> **Assigned task**
Extract, exactly as written, each line from the start of the records below to the line containing "doc.units = 0", both ends included; drop the pictures.

**** Dataset excerpts ****

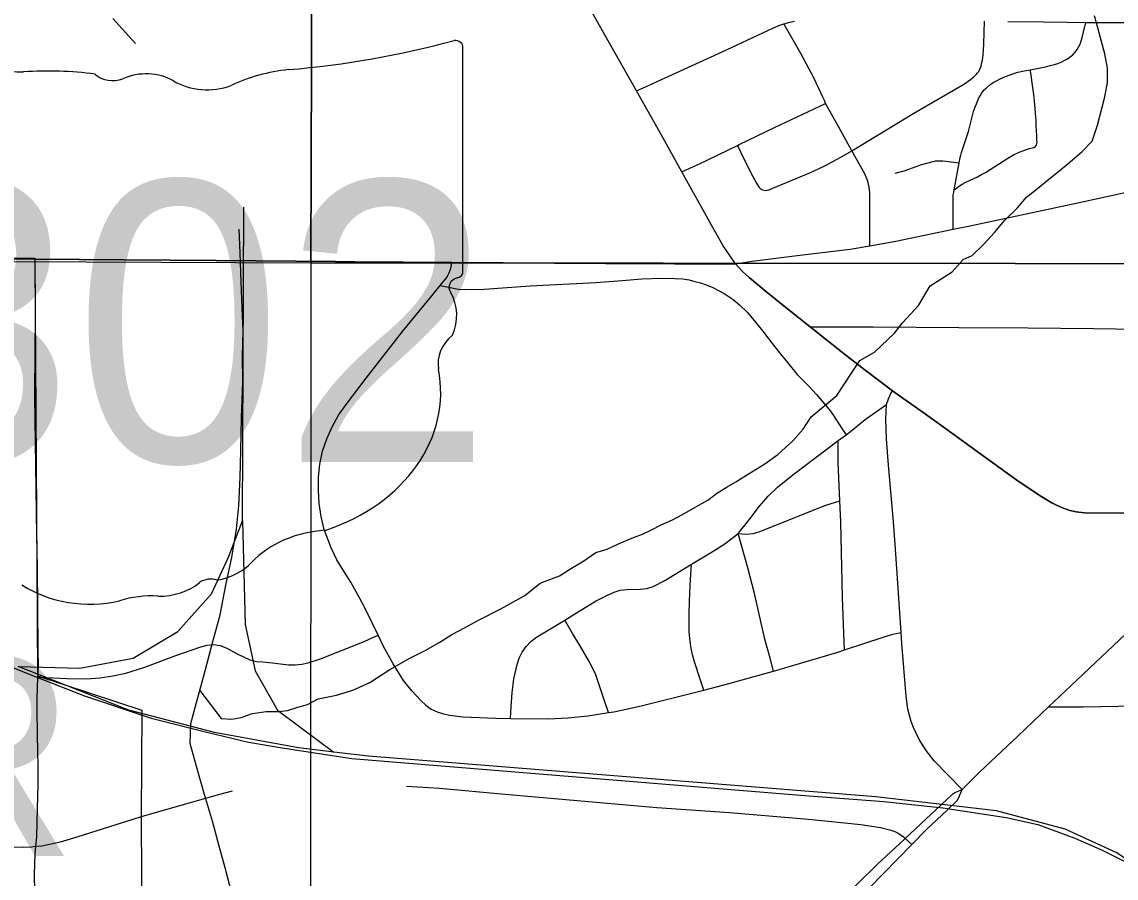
# Model space of a CAD drawing. Extents: x 0 to 34, y 0 to 22.
# Drawn here: x 7.773 to 8.286, y 19.998 to 20.4 of the extents above; entities that cross this region are included whole.
import ezdxf

# ---------------------------------------------------------------- set-up
doc = ezdxf.new("R2010")
doc.units = 0
for name, color, linetype in [('GM_X_City_Street', 7, 'Continuous'), ('GM_X_Corporation_Text', 7, 'Continuous'), ('GM_X_County_Road', 7, 'Continuous'), ('GM_X_Minor_River', 7, 'Continuous'), ('GM_X_Rail_Line', 7, 'Continuous'), ('GM_X_Section', 7, 'Continuous'), ('GM_X_State_Location', 7, 'Continuous'), ('GM_X_State_Route', 7, 'Continuous'), ('GM_X_State_Shield', 7, 'Continuous'), ('GM_X_Township_Road', 7, 'Continuous'), ('GM_X_Unincorporated', 7, 'Continuous')]:
    doc.layers.add(name, color=color, linetype=linetype)

msp = doc.modelspace()

# ---------------------------------------------------------------- linework, layer by layer
at = {"layer": 'GM_X_City_Street'}
for points in [[(8.06114, 20.36783), (8.06643, 20.37026), (8.06918, 20.37153), (8.10141, 20.38616), (8.12273, 20.39616), (8.1255, 20.39749), (8.12836, 20.39862), (8.13026, 20.39929), (8.1331, 20.40006), (8.13529, 20.40051)], [(8.10856, 20.34223), (8.11158, 20.33595), (8.1158, 20.32766), (8.11748, 20.3246), (8.11842, 20.323), (8.11884, 20.3224), (8.11941, 20.32185), (8.1202, 20.32139), (8.12105, 20.32119), (8.1218, 20.32115), (8.12244, 20.32122), (8.12346, 20.32147), (8.12429, 20.32181), (8.13615, 20.32671), (8.14277, 20.32948), (8.14949, 20.33263), (8.15698, 20.33671), (8.1622, 20.33975), (8.19123, 20.35731), (8.21504, 20.37116), (8.21792, 20.37326), (8.21944, 20.37448), (8.22066, 20.37563), (8.22107, 20.37611), (8.22178, 20.37695), (8.2223, 20.37802), (8.22284, 20.37944), (8.22327, 20.38111), (8.22348, 20.38229), (8.22367, 20.3835), (8.22379, 20.38475), (8.22393, 20.38688), (8.22406, 20.3899), (8.22451, 20.40049)], [(8.23539, 20.40037), (8.25208, 20.40018), (8.26318, 20.40006), (8.27205, 20.39996), (8.27809, 20.3999), (8.29164, 20.39987)], [(8.17068, 20.29512), (8.1706, 20.31107), (8.17061, 20.31645), (8.17061, 20.31998), (8.17032, 20.32262), (8.16963, 20.32546), (8.16826, 20.32898), (8.1622, 20.33975), (8.15684, 20.34943), (8.15331, 20.35582), (8.1499, 20.36197), (8.14948, 20.36296), (8.14861, 20.36496), (8.14763, 20.36694), (8.14436, 20.37389), (8.13823, 20.38537), (8.13026, 20.39929)], [(8.24593, 20.37777), (8.253, 20.3792), (8.25529, 20.37973), (8.25728, 20.38027), (8.25891, 20.38077), (8.26035, 20.38132), (8.26191, 20.38204), (8.26339, 20.38283), (8.26465, 20.38377), (8.26585, 20.38472), (8.26702, 20.386), (8.26797, 20.38728), (8.26879, 20.38871), (8.2693, 20.38974), (8.26994, 20.39176), (8.27063, 20.39418), (8.27205, 20.39996)], [(8.21021, 20.32134), (8.21257, 20.33405), (8.21309, 20.33652), (8.2134, 20.33768), (8.21369, 20.33895), (8.21694, 20.34878), (8.21934, 20.35821), (8.21995, 20.35989), (8.22095, 20.36259), (8.22169, 20.36419), (8.22243, 20.36557), (8.22327, 20.36694), (8.22431, 20.36831), (8.22535, 20.36931), (8.22686, 20.37054), (8.22757, 20.3711), (8.22886, 20.37193), (8.23041, 20.37276), (8.23154, 20.37336), (8.2332, 20.37418), (8.23514, 20.37489), (8.24009, 20.37656), (8.24304, 20.37725), (8.24593, 20.37777)], [(8.21021, 20.32134), (8.21092, 20.32188), (8.21226, 20.32298), (8.21393, 20.32401), (8.21542, 20.32485), (8.21774, 20.32601), (8.22118, 20.32756), (8.2231, 20.32853), (8.22489, 20.32952), (8.23539, 20.33624), (8.23811, 20.33778), (8.24066, 20.33911), (8.24464, 20.34051), (8.24557, 20.34077), (8.24627, 20.34095), (8.24691, 20.34108), (8.24765, 20.34128), (8.24825, 20.34157), (8.24875, 20.34221), (8.24906, 20.34284), (8.24911, 20.34374), (8.24906, 20.34454), (8.24901, 20.34546), (8.24897, 20.34628), (8.24895, 20.34707), (8.24887, 20.34889), (8.24874, 20.35148), (8.24867, 20.35339), (8.24864, 20.35416), (8.24846, 20.35722), (8.24824, 20.35964), (8.24791, 20.36296), (8.2476, 20.36616), (8.24673, 20.37267), (8.24632, 20.37533), (8.24593, 20.37777)], [(8.08239, 20.32984), (8.08788, 20.33236), (8.09071, 20.33366), (8.10856, 20.34223), (8.10939, 20.34264), (8.12592, 20.3506), (8.1499, 20.36197)], [(8.18253, 20.32923), (8.18549, 20.32994), (8.1868, 20.33036), (8.1928, 20.33245), (8.19436, 20.33306), (8.19735, 20.33398), (8.20029, 20.33477), (8.20147, 20.33501), (8.20246, 20.33507), (8.20334, 20.33505), (8.20483, 20.33495), (8.20631, 20.33484), (8.21257, 20.33405)], [(8.20969, 20.30288), (8.20969, 20.314), (8.2097, 20.31642), (8.20971, 20.31738), (8.20981, 20.31904), (8.21001, 20.32029), (8.21021, 20.32134)], [(7.96231, 20.07952), (7.95993, 20.08177), (7.95568, 20.08626), (7.95189, 20.09114), (7.9469, 20.09894), (7.94249, 20.10708), (7.9399, 20.11246), (7.93714, 20.1182), (7.93297, 20.12646), (7.9271, 20.1373), (7.92377, 20.14251), (7.92054, 20.14778), (7.91787, 20.15334), (7.91465, 20.16204), (7.91315, 20.16803), (7.9123, 20.17416), (7.91193, 20.18033), (7.91199, 20.18651), (7.9126, 20.19266), (7.91387, 20.19871), (7.9158, 20.20458), (7.9183, 20.21024), (7.92135, 20.2156), (7.92485, 20.22071), (7.93423, 20.23296), (7.9514, 20.25489), (7.96515, 20.2716), (7.96909, 20.27658), (7.97199, 20.28011), (7.97269, 20.28117), (7.97326, 20.2824), (7.97379, 20.28377), (7.97415, 20.28523), (7.97452, 20.28732)], [(7.96909, 20.27658), (7.97209, 20.27595), (7.97761, 20.27481), (7.98052, 20.27456), (7.98973, 20.27481), (8.01127, 20.2764), (8.04211, 20.27799), (8.05445, 20.27883), (8.06366, 20.27959), (8.07286, 20.27999), (8.07926, 20.27984), (8.08275, 20.2796), (8.08579, 20.27916), (8.08851, 20.27846), (8.09111, 20.27777), (8.09377, 20.27688), (8.09662, 20.27574), (8.09959, 20.27422), (8.10232, 20.27276), (8.1065, 20.26991), (8.10947, 20.26738), (8.11327, 20.26383), (8.117, 20.25933), (8.12093, 20.25445), (8.12442, 20.24995), (8.12841, 20.24482), (8.13208, 20.24039), (8.13657, 20.23475), (8.14202, 20.22931), (8.14556, 20.22531), (8.15177, 20.21815), (8.15357, 20.21546), (8.15751, 20.20946), (8.15949, 20.20647)], [(8.1089, 20.16007), (8.11395, 20.16654), (8.11891, 20.17295), (8.12296, 20.17756), (8.12736, 20.18184), (8.13446, 20.18771), (8.15577, 20.20369), (8.15949, 20.20647), (8.16153, 20.208), (8.1677, 20.21299), (8.16914, 20.21406), (8.17843, 20.2207)], [(8.15872, 20.10546), (8.15859, 20.10929), (8.15789, 20.13008), (8.157, 20.16558), (8.15656, 20.17538), (8.15576, 20.19344), (8.15577, 20.19962), (8.15577, 20.20369)], [(8.1089, 20.16007), (8.11262, 20.15984), (8.11586, 20.16015), (8.11869, 20.16091), (8.14398, 20.17114), (8.15053, 20.17349), (8.15414, 20.17462), (8.15656, 20.17538)], [(8.02757, 20.11942), (8.03419, 20.1237), (8.04228, 20.12847), (8.04778, 20.1314), (8.05062, 20.13258), (8.05356, 20.13348), (8.05664, 20.1339), (8.0629, 20.13396), (8.06597, 20.13438), (8.06894, 20.13517), (8.07447, 20.13803), (8.08692, 20.14577), (8.09588, 20.15102), (8.10264, 20.15524), (8.1089, 20.16007)], [(8.12549, 20.09544), (8.12385, 20.10153), (8.12139, 20.11059), (8.11653, 20.13192), (8.11344, 20.14404), (8.1089, 20.16007)], [(8.09278, 20.08664), (8.09029, 20.0941), (8.0893, 20.09707), (8.0884, 20.09993), (8.0876, 20.10266), (8.08694, 20.10537), (8.08643, 20.10817), (8.08611, 20.11105), (8.08594, 20.11397), (8.08592, 20.1231), (8.08617, 20.13237), (8.08651, 20.13853), (8.08692, 20.14577)], [(8.00515, 20.09857), (8.0061, 20.10153), (8.00748, 20.10449), (8.00934, 20.10715), (8.0116, 20.10947), (8.01417, 20.11143), (8.02757, 20.11942)], [(8.048, 20.07604), (8.04612, 20.08157), (8.042, 20.09375), (8.03927, 20.09955), (8.03437, 20.10783), (8.03112, 20.1132), (8.02757, 20.11942)], [(7.96231, 20.07952), (7.9648, 20.0777), (7.9676, 20.0764), (7.97054, 20.0755), (7.97356, 20.07487), (7.97969, 20.07412), (7.99515, 20.07347), (8.00209, 20.07336), (8.0199, 20.07309), (8.02916, 20.07353), (8.03839, 20.07447), (8.048, 20.07604), (8.05059, 20.07646), (8.06267, 20.0791), (8.09278, 20.08664), (8.10166, 20.08886), (8.12549, 20.09544), (8.15512, 20.10427), (8.15872, 20.10546), (8.17692, 20.11149), (8.18151, 20.11284), (8.18531, 20.11367)], [(7.7803, 20.09274), (7.7877, 20.09234), (7.79389, 20.09201), (7.80318, 20.09194), (7.80936, 20.0924), (7.81549, 20.09328), (7.82153, 20.09463), (7.83042, 20.09736), (7.84494, 20.10278), (7.85664, 20.10694), (7.85965, 20.10769), (7.86271, 20.10798), (7.86575, 20.10754), (7.86865, 20.10645), (7.87411, 20.10351), (7.87972, 20.1009), (7.8828, 20.1001), (7.88578, 20.09987)], [(7.88578, 20.09987), (7.89037, 20.0994), (7.89793, 20.09855), (7.901, 20.09852), (7.90405, 20.0988), (7.90706, 20.09942), (7.9129, 20.10131), (7.93336, 20.10944), (7.93748, 20.11134), (7.9399, 20.11246)], [(8.00209, 20.07336), (8.0024, 20.07886), (8.00276, 20.0854), (8.00364, 20.09189), (8.00515, 20.09857)], [(8.25454, 20.07875), (8.25958, 20.07875), (8.27071, 20.07875), (8.32071, 20.07967), (8.38411, 20.0823), (8.39026, 20.08284), (8.39758, 20.08388), (8.40561, 20.08538), (8.41322, 20.08705), (8.4818, 20.10167)], [(7.95318, 20.04146), (7.96866, 20.0406), (7.99955, 20.03783), (8.07067, 20.03153), (8.10472, 20.02917), (8.14182, 20.02599), (8.16648, 20.02355), (8.17562, 20.02208), (8.1805, 20.02096), (8.18236, 20.02026), (8.18397, 20.01948), (8.18647, 20.01772), (8.18722, 20.01701), (8.1903, 20.01411)], [(7.82893, 20.02727), (7.84141, 20.03097), (7.86565, 20.03777), (7.87152, 20.03937)]]:
    msp.add_lwpolyline(points, dxfattribs=at)
at = {"layer": 'GM_X_County_Road'}
for p, q in [((8.21402, 20.04001), (8.21539, 20.04139)), ((8.15992, 19.98306), (8.1903, 20.01411))]:
    msp.add_line(p, q, dxfattribs=at)
for points in [[(8.06114, 20.36783), (8.04584, 20.39493), (8.02701, 20.42844), (8.0179, 20.44496), (8.01204, 20.45547), (8.00386, 20.46998), (7.99907, 20.47786), (7.99561, 20.48246), (7.99435, 20.48392)], [(8.08239, 20.32984), (8.07208, 20.34845), (8.06114, 20.36783)], [(8.10766, 20.28669), (8.10519, 20.29014), (8.10187, 20.29518), (8.09631, 20.30475), (8.08239, 20.32984)], [(8.20969, 20.30288), (8.21616, 20.30422), (8.26742, 20.31518), (8.31271, 20.32502), (8.31564, 20.32565)], [(8.17068, 20.29512), (8.18278, 20.29724), (8.20969, 20.30288)], [(8.10766, 20.28669), (8.1154, 20.28793), (8.13654, 20.29052), (8.16138, 20.29348), (8.17068, 20.29512)], [(7.57021, 20.2906), (7.59042, 20.2905), (7.61843, 20.29024), (7.66858, 20.28976), (7.70584, 20.28944), (7.779, 20.28884)], [(7.779, 20.28884), (7.82053, 20.28861), (7.86389, 20.28823), (7.91997, 20.28774)], [(7.91997, 20.28774), (7.92898, 20.28766), (7.97452, 20.28732)], [(7.97452, 20.28732), (8.0467, 20.28678), (8.07198, 20.28678), (8.07906, 20.28666), (8.10766, 20.28669)], [(8.10766, 20.28669), (8.11084, 20.2831), (8.11403, 20.28025), (8.12153, 20.27407), (8.13115, 20.26611), (8.14257, 20.25707)], [(8.14257, 20.25707), (8.14758, 20.25709), (8.17223, 20.25716), (8.2124, 20.25683), (8.24485, 20.25661), (8.27562, 20.25635), (8.30662, 20.25593), (8.31465, 20.25583)], [(8.14257, 20.25707), (8.15794, 20.24491), (8.16841, 20.23679), (8.18135, 20.22711)], [(8.17843, 20.2207), (8.17939, 20.22333), (8.1804, 20.22545), (8.18135, 20.22711)], [(8.18135, 20.22711), (8.18351, 20.22549), (8.19461, 20.21766), (8.20223, 20.21214), (8.20957, 20.20684), (8.21754, 20.20106), (8.22658, 20.19452), (8.23964, 20.18519), (8.24584, 20.18097), (8.25128, 20.17736), (8.25532, 20.17496), (8.25603, 20.17457)], [(8.18531, 20.11367), (8.18249, 20.15505), (8.18159, 20.16745), (8.17942, 20.19221), (8.17852, 20.20456), (8.17822, 20.21373), (8.17843, 20.2207)], [(8.25603, 20.17457), (8.25817, 20.17341), (8.26112, 20.17212), (8.26449, 20.17096), (8.26754, 20.17028), (8.27136, 20.16988), (8.29082, 20.16973), (8.31399, 20.1694)], [(8.25454, 20.07875), (8.26505, 20.08873), (8.30472, 20.1262), (8.30612, 20.12772), (8.30764, 20.12933), (8.30915, 20.13101), (8.31007, 20.13236), (8.31083, 20.1336), (8.31153, 20.13479), (8.31212, 20.13609), (8.31272, 20.1377), (8.31315, 20.13937), (8.31342, 20.14154), (8.31364, 20.1437), (8.31369, 20.14564), (8.3138, 20.14737), (8.31374, 20.15083), (8.31379, 20.15482), (8.31399, 20.1694)], [(8.21402, 20.04001), (8.2008, 20.05348), (8.19703, 20.0583), (8.19381, 20.0635), (8.19113, 20.06899), (8.19005, 20.07183), (8.18918, 20.07474), (8.18852, 20.07771), (8.18769, 20.08379), (8.18567, 20.10853), (8.18531, 20.11367)], [(8.21539, 20.04139), (8.22226, 20.04826), (8.24014, 20.06505), (8.25454, 20.07875)], [(8.07345, 19.90586), (8.10961, 19.94215), (8.11088, 19.94343), (8.11386, 19.94621), (8.11508, 19.94739), (8.13878, 19.97007), (8.156, 19.98694), (8.17429, 20.00487), (8.18675, 20.01657), (8.18722, 20.01701), (8.20914, 20.03753), (8.20963, 20.03792), (8.21035, 20.03836), (8.21094, 20.03867), (8.21402, 20.04001)], [(8.1903, 20.01411), (8.19728, 20.02125), (8.2069, 20.03027), (8.21158, 20.03487), (8.21226, 20.03583), (8.21402, 20.04001)]]:
    msp.add_lwpolyline(points, dxfattribs=at)
at = {"layer": 'GM_X_Minor_River'}
for points in [[(7.81535, 20.40178), (7.82603, 20.39011)], [(7.85621, 20.08649), (7.86619, 20.07323), (7.87114, 20.07292), (7.87569, 20.07374), (7.88099, 20.07571), (7.88745, 20.07655), (7.89315, 20.07663), (7.89733, 20.07707), (7.90225, 20.07865), (7.9068, 20.07985), (7.91171, 20.08257), (7.92044, 20.08421), (7.92801, 20.08659), (7.93595, 20.09012), (7.94538, 20.09632), (7.95444, 20.10138), (7.962, 20.10528), (7.9688, 20.10917), (7.97446, 20.11266), (7.9805, 20.11578), (7.9873, 20.11967), (7.9975, 20.12474), (8.00883, 20.13097), (8.01598, 20.13676), (8.02506, 20.1403), (8.03072, 20.1438), (8.03601, 20.14691), (8.04203, 20.15117), (8.04734, 20.15275), (8.05301, 20.15549), (8.05982, 20.15824), (8.06398, 20.15981), (8.06814, 20.16177), (8.07267, 20.16411), (8.07797, 20.16646), (8.0825, 20.1688), (8.09043, 20.17346), (8.09458, 20.17579), (8.09873, 20.17889), (8.10363, 20.18199), (8.10778, 20.18433), (8.11533, 20.18899), (8.12137, 20.19286), (8.1274, 20.19712), (8.13454, 20.20368), (8.13941, 20.20906), (8.14314, 20.21481), (8.15518, 20.22484), (8.166, 20.24132), (8.17279, 20.24521), (8.18219, 20.25407), (8.18592, 20.25906), (8.19343, 20.26714), (8.19901, 20.27633), (8.2092, 20.28292), (8.21445, 20.28869), (8.2186, 20.29064), (8.22386, 20.29565), (8.22911, 20.30142), (8.23398, 20.30718), (8.23999, 20.31296), (8.24411, 20.31795), (8.25014, 20.32259), (8.25465, 20.32645), (8.25917, 20.32993), (8.26369, 20.33379), (8.27008, 20.33919), (8.27496, 20.34419), (8.27752, 20.35182), (8.28078, 20.3644), (8.28221, 20.37164), (8.28212, 20.37847), (8.28089, 20.38529), (8.2793, 20.39097), (8.27769, 20.39741), (8.2761, 20.40308)], [(7.87119, 19.99111), (7.86808, 20.00322), (7.86536, 20.01344), (7.86225, 20.02518), (7.85838, 20.03766), (7.85566, 20.0475), (7.85177, 20.0615), (7.85209, 20.07099), (7.85467, 20.08087), (7.85873, 20.09569), (7.86168, 20.10709), (7.86575, 20.12191), (7.86868, 20.13672), (7.87124, 20.14887), (7.87342, 20.16216), (7.87449, 20.17317), (7.87515, 20.18645), (7.87545, 20.19896), (7.87572, 20.21452), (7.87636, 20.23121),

****

> **Answer box**
# Model space of a CAD drawing. Extents: x 0 to 34, y 0 to 22.
# Drawn here: x 7.773 to 8.286, y 19.998 to 20.4 of the extents above; entities that cross this region are included whole.
import ezdxf

# ---------------------------------------------------------------- set-up
doc = ezdxf.new("R2010")
doc.units = 0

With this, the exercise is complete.